● **Dataset excerpts**
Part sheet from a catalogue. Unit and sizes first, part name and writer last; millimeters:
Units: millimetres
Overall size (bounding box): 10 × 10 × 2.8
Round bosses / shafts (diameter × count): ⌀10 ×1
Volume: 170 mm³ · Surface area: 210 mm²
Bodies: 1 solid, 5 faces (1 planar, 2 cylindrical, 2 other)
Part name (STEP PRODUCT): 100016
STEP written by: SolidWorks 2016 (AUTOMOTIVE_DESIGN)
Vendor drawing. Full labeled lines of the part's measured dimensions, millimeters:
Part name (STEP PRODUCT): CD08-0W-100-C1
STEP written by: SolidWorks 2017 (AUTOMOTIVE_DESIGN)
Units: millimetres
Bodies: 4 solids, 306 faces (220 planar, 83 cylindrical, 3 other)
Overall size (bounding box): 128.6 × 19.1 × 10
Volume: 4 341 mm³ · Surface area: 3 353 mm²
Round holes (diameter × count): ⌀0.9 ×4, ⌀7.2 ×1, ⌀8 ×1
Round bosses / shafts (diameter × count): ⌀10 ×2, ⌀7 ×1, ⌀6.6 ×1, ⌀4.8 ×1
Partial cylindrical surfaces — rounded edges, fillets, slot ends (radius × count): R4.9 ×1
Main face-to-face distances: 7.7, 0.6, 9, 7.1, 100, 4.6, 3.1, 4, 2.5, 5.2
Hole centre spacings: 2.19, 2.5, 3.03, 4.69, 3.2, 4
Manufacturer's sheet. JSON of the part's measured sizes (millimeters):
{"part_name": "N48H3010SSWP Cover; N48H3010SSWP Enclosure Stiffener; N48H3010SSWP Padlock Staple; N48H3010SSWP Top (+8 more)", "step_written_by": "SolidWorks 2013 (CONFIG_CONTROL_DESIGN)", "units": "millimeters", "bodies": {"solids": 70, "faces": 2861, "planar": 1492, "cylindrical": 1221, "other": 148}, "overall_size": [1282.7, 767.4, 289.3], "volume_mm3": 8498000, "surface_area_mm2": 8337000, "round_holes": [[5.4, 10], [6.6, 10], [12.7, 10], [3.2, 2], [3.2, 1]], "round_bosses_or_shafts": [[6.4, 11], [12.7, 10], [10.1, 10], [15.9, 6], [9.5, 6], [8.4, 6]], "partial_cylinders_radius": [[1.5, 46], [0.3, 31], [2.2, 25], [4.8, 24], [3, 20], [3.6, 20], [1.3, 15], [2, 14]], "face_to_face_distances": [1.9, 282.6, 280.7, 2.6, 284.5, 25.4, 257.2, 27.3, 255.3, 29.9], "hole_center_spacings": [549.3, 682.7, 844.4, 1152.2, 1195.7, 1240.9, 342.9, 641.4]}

● **Exercise brief**
All of the lines above must be returned exactly.

● **Result**
Part sheet from a catalogue. Unit and sizes first, part name and writer last; millimeters:
Units: millimetres
Overall size (bounding box): 10 × 10 × 2.8
Round bosses / shafts (diameter × count): ⌀10 ×1
Volume: 170 mm³ · Surface area: 210 mm²
Bodies: 1 solid, 5 faces (1 planar, 2 cylindrical, 2 other)
Part name (STEP PRODUCT): 100016
STEP written by: SolidWorks 2016 (AUTOMOTIVE_DESIGN)
Vendor drawing. Full labeled lines of the part's measured dimensions, millimeters:
Part name (STEP PRODUCT): CD08-0W-100-C1
STEP written by: SolidWorks 2017 (AUTOMOTIVE_DESIGN)
Units: millimetres
Bodies: 4 solids, 306 faces (220 planar, 83 cylindrical, 3 other)
Overall size (bounding box): 128.6 × 19.1 × 10
Volume: 4 341 mm³ · Surface area: 3 353 mm²
Round holes (diameter × count): ⌀0.9 ×4, ⌀7.2 ×1, ⌀8 ×1
Round bosses / shafts (diameter × count): ⌀10 ×2, ⌀7 ×1, ⌀6.6 ×1, ⌀4.8 ×1
Partial cylindrical surfaces — rounded edges, fillets, slot ends (radius × count): R4.9 ×1
Main face-to-face distances: 7.7, 0.6, 9, 7.1, 100, 4.6, 3.1, 4, 2.5, 5.2
Hole centre spacings: 2.19, 2.5, 3.03, 4.69, 3.2, 4
Manufacturer's sheet. JSON of the part's measured sizes (millimeters):
{"part_name": "N48H3010SSWP Cover; N48H3010SSWP Enclosure Stiffener; N48H3010SSWP Padlock Staple; N48H3010SSWP Top (+8 more)", "step_written_by": "SolidWorks 2013 (CONFIG_CONTROL_DESIGN)", "units": "millimeters", "bodies": {"solids": 70, "faces": 2861, "planar": 1492, "cylindrical": 1221, "other": 148}, "overall_size": [1282.7, 767.4, 289.3], "volume_mm3": 8498000, "surface_area_mm2": 8337000, "round_holes": [[5.4, 10], [6.6, 10], [12.7, 10], [3.2, 2], [3.2, 1]], "round_bosses_or_shafts": [[6.4, 11], [12.7, 10], [10.1, 10], [15.9, 6], [9.5, 6], [8.4, 6]], "partial_cylinders_radius": [[1.5, 46], [0.3, 31], [2.2, 25], [4.8, 24], [3, 20], [3.6, 20], [1.3, 15], [2, 14]], "face_to_face_distances": [1.9, 282.6, 280.7, 2.6, 284.5, 25.4, 257.2, 27.3, 255.3, 29.9], "hole_center_spacings": [549.3, 682.7, 844.4, 1152.2, 1195.7, 1240.9, 342.9, 641.4]}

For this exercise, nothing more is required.